Though I surmise “they can suck a salt grain off a beach” figuratively means to obtain private information of people indirectly, not through a direct contact (to the sea - people) I’m not sure of.”
What does “sack a salt grain off a beach” mean? Is it an idiomatic expression, or twist of a saying? If it is the twist of, or borrowing from something, what is the original source? Why did Dowd put the phrase in parenthesis (correction: quote)?
A little more context:
BRILL: They can tap anything as along as it’s an airwave intercept. Cellulars and pagers your kid can do. Hard-line calls we'd pick off the relays as they were being fed into ground cables or fired up to the SATs. We’d suck in everything. All foreign, most domestic. Domestic was my group. Druggies, radicals, loud-mouths. Anyone we wanted.
DEAN: How’d you have the manpower to--
BRILL: Meade has 18 underground acres of computers. They scan every phonecall for target words like "bomb" or "President". We red-flag phone numbers or voice prints...whatever we wanted. When the computers found something, it was bounced to comparative analysis.
DEAN: Jesus.
BRILL: That was twenty years ago. With digital? They can suck a salt grain off a beach.
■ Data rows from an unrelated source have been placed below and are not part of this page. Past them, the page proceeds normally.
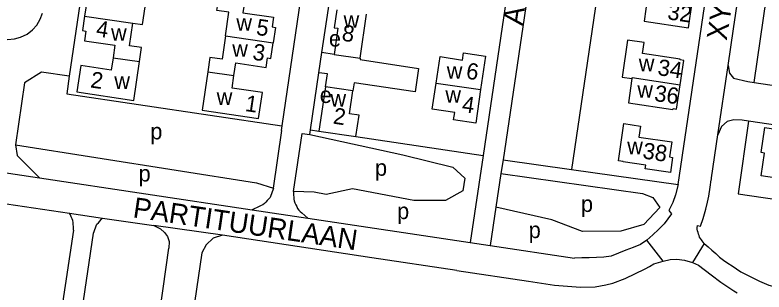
# Model space of a CAD drawing. Extents: x 163012 to 165277, y 382513 to 383987.
# Drawn here: x 164465.3 to 164649.9, y 382827.9 to 382896.1 of the extents above; entities that cross this region are included whole.
import ezdxf

# ---------------------------------------------------------------- set-up
doc = ezdxf.new("R2010")
doc.units = 0
for name, color, linetype in [('BLT_Basislijn', 7, 'Continuous'), ('BLT_Bebouwing', 7, 'Continuous'), ('BLT_Centroide', 7, 'Continuous'), ('BLT_Huisnummer', 7, 'Continuous'), ('BLT_Onderverdeling_panden', 7, 'Continuous'), ('BLT_Plantopo', 7, 'Continuous'), ('BLT_Straatnaam', 7, 'Continuous'), ('BLT_Vlakafsluiter', 7, 'Continuous')]:
    doc.layers.add(name, color=color, linetype=linetype)

msp = doc.modelspace()

# ---------------------------------------------------------------- linework, layer by layer
at = {"layer": 'BLT_Basislijn'}
for p, q in [((164608.33, 383012.59), (164585.62, 382860.44)), ((164601.79, 383003.93), (164580.71, 382861.48)), ((164623.62, 383000.7), (164602.47, 382858.06)), ((164628.79, 382854.35), (164649.95, 382996.86)), ((164647.48, 382879.52), (164660.4, 382966.66)), ((164642.45, 382892.72), (164653.01, 382964.1)), ((164540.96, 382886.85), (164544.17, 382908.56)), ((164641.11, 382883.66), (164642.45, 382892.72)), ((164540.23, 382881.91), (164540.96, 382886.85)), ((164543.97, 382886.41), (164540.96, 382886.85)), ((164564.82, 382882.96), (164563.95, 382877.19)), ((164538.14, 382867.8), (164540.23, 382881.91)), ((164529.03, 382853.43), (164531.13, 382867.66)), ((164531.13, 382868.82), (164530.96, 382867.69)), ((164530.96, 382867.69), (164531.13, 382867.66)), ((164537.98, 382866.66), (164538.14, 382867.8)), ((164538.14, 382867.8), (164540.26, 382867.51)), ((164533.97, 382852.67), (164536.08, 382866.94)), ((164536.08, 382866.94), (164537.98, 382866.66)), ((164549.37, 382866.17), (164580.71, 382861.48)), ((164637.02, 382855.99), (164638.59, 382866.63)), ((164465.48, 382864.11), (164524.84, 382854.78)), ((164580.71, 382861.48), (164577.54, 382840.08)), ((164585.62, 382860.44), (164585.11, 382857.04)), ((164585.62, 382860.44), (164602.47, 382858.06)), ((164403.85, 382858.43), (164478.77, 382847.33)), ((164585.11, 382857.04), (164583.88, 382848.76)), ((164602.47, 382858.06), (164628.79, 382854.35)), ((164471.41, 382855.99), (164523.75, 382848.15)), ((164524.84, 382854.78), (164529.03, 382853.43)), ((164539.07, 382852.47), (164533.97, 382852.67)), ((164478.77, 382847.33), (164486.91, 382846.12)), ((164583.88, 382848.76), (164582.47, 382839.34)), ((164486.91, 382846.12), (164499.57, 382844.24)), ((164537.47, 382846.09), (164577.54, 382840.08)), ((164516.46, 382841.89), (164499.57, 382844.24)), ((164577.54, 382840.08), (164582.47, 382839.34)), ((164498.41, 382804.11), (164503.27, 382838.72)), ((164582.47, 382839.34), (164603.21, 382836.23)), ((164574.25, 382833.19), (164553.3, 382836.29))]:
    msp.add_line(p, q, dxfattribs=at)
for points in [[(164497.18, 382988.9), (164494.52, 382988.07), (164478.67, 382881.05)], [(164541.9, 382982.32), (164547.3, 382978.88), (164531.13, 382868.82)], [(164647.48, 382879.52), (164696.14, 382872.3), (164696.93, 382872.77), (164697.59, 382873.41), (164710.09, 382957.72), (164709.64, 382958.53), (164709, 382959.2), (164660.4, 382966.66)], [(164455.28, 382898.84), (164455.32, 382897.41), (164455.64, 382895.88), (164456.21, 382894.52), (164457.01, 382893.29), (164458.01, 382892.23), (164459.22, 382891.34), (164460.44, 382890.73), (164461.99, 382890.3), (164463.5, 382890.12), (164465.17, 382890.24), (164466.73, 382890.65), (164468.3, 382891.42), (164469.64, 382892.45), (164470.71, 382893.64), (164471.57, 382895.09), (164472.11, 382896.58)], [(164550.42, 382885.46), (164550.37, 382885.16), (164564.82, 382882.96)], [(164641.11, 382883.66), (164641.47, 382881.77), (164642.45, 382880.57), (164645.93, 382879.75), (164647.48, 382879.52)], [(164478.67, 382881.05), (164471.85, 382882.02), (164467.71, 382879.4), (164465.48, 382864.11)], [(164478.67, 382881.05), (164478.14, 382876.67), (164531.13, 382868.82)], [(164541.86, 382878.45), (164542.32, 382881.6), (164540.23, 382881.91)], [(164563.95, 382877.19), (164548.89, 382879.45), (164548.61, 382877.48)], [(164646.13, 382870), (164644.55, 382870.23), (164642.51, 382870.31), (164640.89, 382869.91), (164639.5, 382868.63), (164638.59, 382866.63)], [(164646.13, 382870), (164643.57, 382852.07), (164772.45, 382833.23), (164790.55, 382848.49)], [(164790.55, 382848.49), (164787.78, 382849.06), (164646.13, 382870)], [(164537.98, 382866.66), (164560.93, 382861.71), (164573.25, 382858.6), (164576.19, 382855.91), (164575.7, 382852.79), (164571.44, 382850.45), (164563.67, 382850.41), (164548.53, 382853.27), (164542.04, 382851.89), (164539.07, 382852.47)], [(164465.48, 382864.11), (164465.87, 382861.51), (164471.41, 382855.99)], [(164585.11, 382857.04), (164620.02, 382852.14), (164622.52, 382851.14), (164624.27, 382848.71), (164620.35, 382844.51), (164614.68, 382842.88), (164605.23, 382842.77), (164597.63, 382845.71), (164583.88, 382848.76)], [(164636.66, 382853.69), (164636.94, 382855.56), (164636.97, 382855.7), (164636.99, 382855.85), (164637.02, 382855.99)], [(164529.03, 382853.43), (164528.87, 382852.99), (164528.72, 382852.54), (164528.56, 382852.09), (164528.4, 382851.64), (164528.2, 382851.21), (164527.86, 382850.83), (164527.52, 382850.45), (164527.18, 382850.06), (164526.83, 382849.68), (164526.43, 382849.38), (164525.97, 382849.17), (164525.5, 382848.95), (164523.75, 382848.15)], [(164628.79, 382854.35), (164628.17, 382851.82), (164627.45, 382849.91), (164626.51, 382847.95), (164627.17, 382847.17), (164625.33, 382844.65), (164623.92, 382843.32), (164622.51, 382841.99), (164621.09, 382840.66)], [(164635.58, 382848.27), (164636.02, 382850.05), (164636.33, 382851.53), (164636.66, 382853.69)], [(164533.97, 382852.67), (164533.99, 382852.2), (164534.01, 382851.72), (164534.03, 382851.25), (164534.05, 382850.78), (164534.12, 382850.31), (164534.33, 382849.84), (164534.55, 382849.38), (164534.76, 382848.92), (164534.98, 382848.45), (164535.27, 382848.05), (164535.66, 382847.71), (164536.04, 382847.37), (164537.47, 382846.09)], [(164635.19, 382839.84), (164634.97, 382840.15), (164634.74, 382840.47), (164634.51, 382840.78), (164634.28, 382841.09), (164634.08, 382841.41), (164633.96, 382841.8), (164633.83, 382842.18), (164633.7, 382842.57), (164633.58, 382842.95), (164633.51, 382843.35), (164633.51, 382843.75), (164633.52, 382844.16), (164633.56, 382844.3), (164634.29, 382844.11), (164634.93, 382846.01), (164635.58, 382848.27)], [(164499.57, 382844.24), (164501.17, 382843.43), (164502.16, 382842.59), (164502.94, 382841.54), (164503.32, 382840.32), (164503.27, 382838.72)], [(164516.46, 382841.89), (164514.15, 382841.15), (164512.42, 382839.49), (164511.39, 382837.58)], [(164553.3, 382836.29), (164516.46, 382841.89)], [(164621.09, 382840.66), (164619.49, 382839.63), (164617.69, 382838.89), (164615.89, 382838.16), (164614.1, 382837.43), (164612.3, 382836.69), (164610.49, 382836.47), (164608.67, 382836.41), (164606.85, 382836.35), (164605.03, 382836.29), (164603.21, 382836.23)], [(164635.19, 382839.84), (164636.15, 382839.01), (164637.1, 382838.18), (164638.05, 382837.35), (164639, 382836.51), (164639.98, 382835.71), (164641.05, 382835.01), (164642.11, 382834.3), (164643.18, 382833.6), (164644.24, 382832.89), (164645.35, 382832.26), (164646.5, 382831.71), (164647.65, 382831.15), (164648.8, 382830.6), (164649.95, 382830.05), (164651.14, 382829.61), (164652.34, 382829.22), (164653.54, 382828.83), (164654.75, 382828.44), (164655.95, 382828.04)], [(164511.39, 382837.58), (164501.34, 382769.35), (164495.56, 382731.44)], [(164591.94, 382830.57), (164598.31, 382829.6), (164604.68, 382829.12), (164608.37, 382829.15), (164610.93, 382829.65), (164612.71, 382830.08), (164615.75, 382831.18), (164620.68, 382833.6), (164621.72, 382834.2), (164622.77, 382834.81), (164625.08, 382835.51)], [(164625.08, 382835.51), (164626.81, 382835.86), (164628.47, 382835.97), (164630.39, 382835.73), (164632.31, 382835.2)], [(164632.31, 382835.2), (164633.82, 382834.51), (164636.89, 382832.14), (164639.31, 382830.29)], [(164574.25, 382833.19), (164591.94, 382830.57)], [(164639.31, 382830.29), (164642.52, 382828.15), (164643.29, 382827.72)]]:
    msp.add_lwpolyline(points, dxfattribs=at)
at = {"layer": 'BLT_Bebouwing'}
for p, q in [((164550.42, 382885.46), (164552.01, 382896.32)), ((164543.97, 382886.41), (164550.42, 382885.46)), ((164541.86, 382878.45), (164540.26, 382867.51)), ((164548.61, 382877.48), (164541.86, 382878.45)), ((164540.26, 382867.51), (164549.37, 382866.17))]:
    msp.add_line(p, q, dxfattribs=at)
for points in [[(164492.28, 382904.13), (164491.83, 382901.05), (164484.3, 382902.16), (164483.95, 382899.77), (164483.1, 382899.9), (164482.5, 382895.86)], [(164494.36, 382894.11), (164496.75, 382893.76), (164497.64, 382899.83), (164498.24, 382899.74), (164498.74, 382903.18)], [(164517.2, 382890.97), (164518.04, 382896.81), (164515.12, 382897.23), (164515.63, 382900.72)], [(164522, 382899.75), (164521.53, 382896.68), (164529.04, 382895.57), (164528.69, 382893.17), (164529.54, 382893.04), (164528.98, 382889.24)], [(164621.27, 382900.59), (164620.37, 382894.58), (164631.35, 382892.97), (164632.27, 382899.17)], [(164544.65, 382897.4), (164544, 382892.97), (164544.91, 382892.84), (164543.97, 382886.41)], [(164482.5, 382895.86), (164481.97, 382892.29), (164482.82, 382892.17), (164482.46, 382889.78), (164489.98, 382888.66), (164489.53, 382885.59)], [(164496, 382884.64), (164496.52, 382888.13), (164493.55, 382888.56), (164494.36, 382894.11)], [(164517.2, 382890.97), (164516.37, 382885.23), (164513.39, 382885.66), (164512.88, 382882.16)], [(164629.27, 382878.94), (164630.15, 382884.92), (164629.29, 382885.05), (164629.32, 382885.28), (164620.03, 382886.65), (164620.4, 382889.32), (164616.34, 382889.89), (164615.02, 382880.83), (164617.4, 382880.48)], [(164519.27, 382881.21), (164519.73, 382884.3), (164527.23, 382883.19), (164527.58, 382885.57), (164528.42, 382885.43), (164528.98, 382889.24)], [(164569.12, 382879.34), (164570.09, 382885.86), (164575.64, 382885.03), (164575.89, 382886.77), (164581.31, 382885.97), (164580.1, 382877.73)], [(164489.53, 382885.59), (164489.07, 382882.52), (164481.56, 382883.64), (164480.59, 382877.19), (164494.65, 382875.08), (164496, 382884.64)], [(164512.88, 382882.16), (164511.47, 382872.65), (164525.36, 382870.59), (164526.32, 382877.03), (164518.82, 382878.13), (164519.27, 382881.21)], [(164580.1, 382877.73), (164578.88, 382869.48), (164573.44, 382870.29), (164573.71, 382872.07), (164568.16, 382872.89), (164569.12, 382879.34)], [(164617.4, 382880.48), (164616.51, 382874.47), (164627.5, 382872.84), (164627.54, 382873.09), (164628.39, 382872.96), (164629.27, 382878.94)], [(164549.37, 382866.17), (164550.15, 382871.46), (164547.78, 382871.8), (164548.61, 382877.48)]]:
    msp.add_lwpolyline(points, dxfattribs=at)
for points in [[(164627.42, 382861.04), (164626.88, 382857.35), (164620.69, 382858.26), (164620.81, 382859.13), (164615.25, 382859.94), (164615.27, 382860.03), (164614.08, 382860.21), (164615.41, 382869.36), (164619.48, 382868.75), (164619.08, 382866.05), (164627.2, 382864.85), (164626.66, 382861.17)], [(164650.13, 382868.41), (164653.82, 382867.86), (164653.7, 382867.1), (164657.43, 382866.55), (164655.79, 382855.54), (164649.25, 382856.51), (164650.08, 382862.11), (164649.21, 382862.24)]]:
    msp.add_lwpolyline(points, close=True, dxfattribs=at)
at = {"layer": 'BLT_Onderverdeling_panden'}
for p, q in [((164482.5, 382895.86), (164494.36, 382894.11)), ((164517.2, 382890.97), (164528.98, 382889.24)), ((164489.53, 382885.59), (164496, 382884.64)), ((164512.88, 382882.16), (164519.27, 382881.21)), ((164569.12, 382879.34), (164580.1, 382877.73))]:
    msp.add_line(p, q, dxfattribs=at)
msp.add_lwpolyline([(164617.4, 382880.48), (164617.43, 382880.69), (164629.27, 382878.94)], dxfattribs=at)
at = {"layer": 'BLT_Plantopo'}
for p, q in [((164479.77, 382843.11), (164464.62, 382742.14)), ((164469.57, 382741.4), (164484.71, 382842.37))]:
    msp.add_line(p, q, dxfattribs=at)
for points in [[(164479.77, 382843.11), (164479.75, 382843.59), (164479.73, 382844.06), (164479.71, 382844.53), (164479.69, 382845), (164479.62, 382845.48), (164479.41, 382845.94), (164479.19, 382846.41), (164478.98, 382846.87), (164478.77, 382847.33)], [(164484.71, 382842.37), (164484.87, 382842.82), (164485.02, 382843.26), (164485.18, 382843.71), (164485.34, 382844.16), (164485.54, 382844.59), (164485.88, 382844.97), (164486.22, 382845.35), (164486.57, 382845.73), (164486.91, 382846.12)]]:
    msp.add_lwpolyline(points, dxfattribs=at)
at = {"layer": 'BLT_Vlakafsluiter'}
for p, q in [((164638.59, 382866.63), (164641.11, 382883.66)), ((164444, 382860.1), (164471.41, 382855.99)), ((164523.75, 382848.15), (164537.47, 382846.09)), ((164625.08, 382835.51), (164621.09, 382840.66)), ((164635.19, 382839.84), (164632.31, 382835.2))]:
    msp.add_line(p, q, dxfattribs=at)

# ---------------------------------------------------------------- texts
at = {"layer": 'BLT_Centroide'}
for s, p in [('w', (164519.89, 382892.24)), ('w', (164546.32, 382892.96)), ('w', (164489.01, 382889.77)), ('e', (164542.72, 382888.34)), ('w', (164518.88, 382885.83)), ('w', (164619.08, 382882.27)), ('w', (164571.76, 382880.4)), ('w', (164489.81, 382877.93)), ('w', (164618.73, 382875.76)), ('w', (164515.05, 382873.97)), ('e', (164540.45, 382874.45)), ('w', (164571.41, 382874.52)), ('w', (164543.08, 382873.56)), ('p', (164498.68, 382865.49)), ('w', (164616.23, 382861.84)), ('p', (164554.07, 382856.52)), ('p', (164495.79, 382855.1)), ('p', (164604.83, 382847.61)), ('p', (164559.52, 382845.85)), ('p', (164591.95, 382841.17))]:
    msp.add_text(s, height=4, dxfattribs=at).set_placement(p)
at = {"layer": 'BLT_Huisnummer'}
for s, p in [('32', (164625.98, 382895.08)), ('4', (164485.15, 382890.89)), ('5', (164524.63, 382891.26)), ('8', (164545.73, 382889.83)), ('3', (164523.72, 382885.15)), ('6', (164576.35, 382880.48)), ('34', (164623.56, 382881.34)), ('2', (164483.78, 382878.3)), ('36', (164622.75, 382874.97)), ('1', (164521.89, 382872.49)), ('4', (164575.34, 382872.29)), ('2', (164543.58, 382869.39)), ('38', (164619.87, 382860.81))]:
    msp.add_text(s, height=4, rotation=351.581, dxfattribs=at).set_placement(p)
at = {"layer": 'BLT_Straatnaam'}
for s, rotation, p in [('ALTVIOOLSTRAAT', 81.5819, (164590.38, 382893.41)), ('XYLOFOONLAAN', 81.456, (164640.74, 382889.7)), ('PARTITUURLAAN', 351.5769, (164494.21, 382846.32))]:
    msp.add_text(s, height=5, rotation=rotation, dxfattribs=at).set_placement(p)

doc.saveas('drawing.dxf')

It’s a metaphor: the NSA’s capability is analogous to being able to survey an entire beach and identify a specific grain of salt as being of interest. ‘With digital’, they have no need to ‘suck in everything’ and analyze it manually, as in the 70s; they suck in only the specific information they need.
It may be hyperbole; or it may not. In the 80s I had a friend ‘in the intelligence community’ who dealt with satellite imagery. He was fond of saying “I am not telling you we can read a license plate on a Mercedes in Red Square. I’m not telling you that.” That was a quarter-century ago . . .
The phrase "they can suck a salt grain off a beach" is, as far as I can tell, neither idiomatic nor a reference to something - it is rather a vivid, if subtle, description of the precision with which the NSA can (allegedly) work - the beach is made of grains of sand, making a single grain of salt very hard to find, but they have the technology and personnel to do it.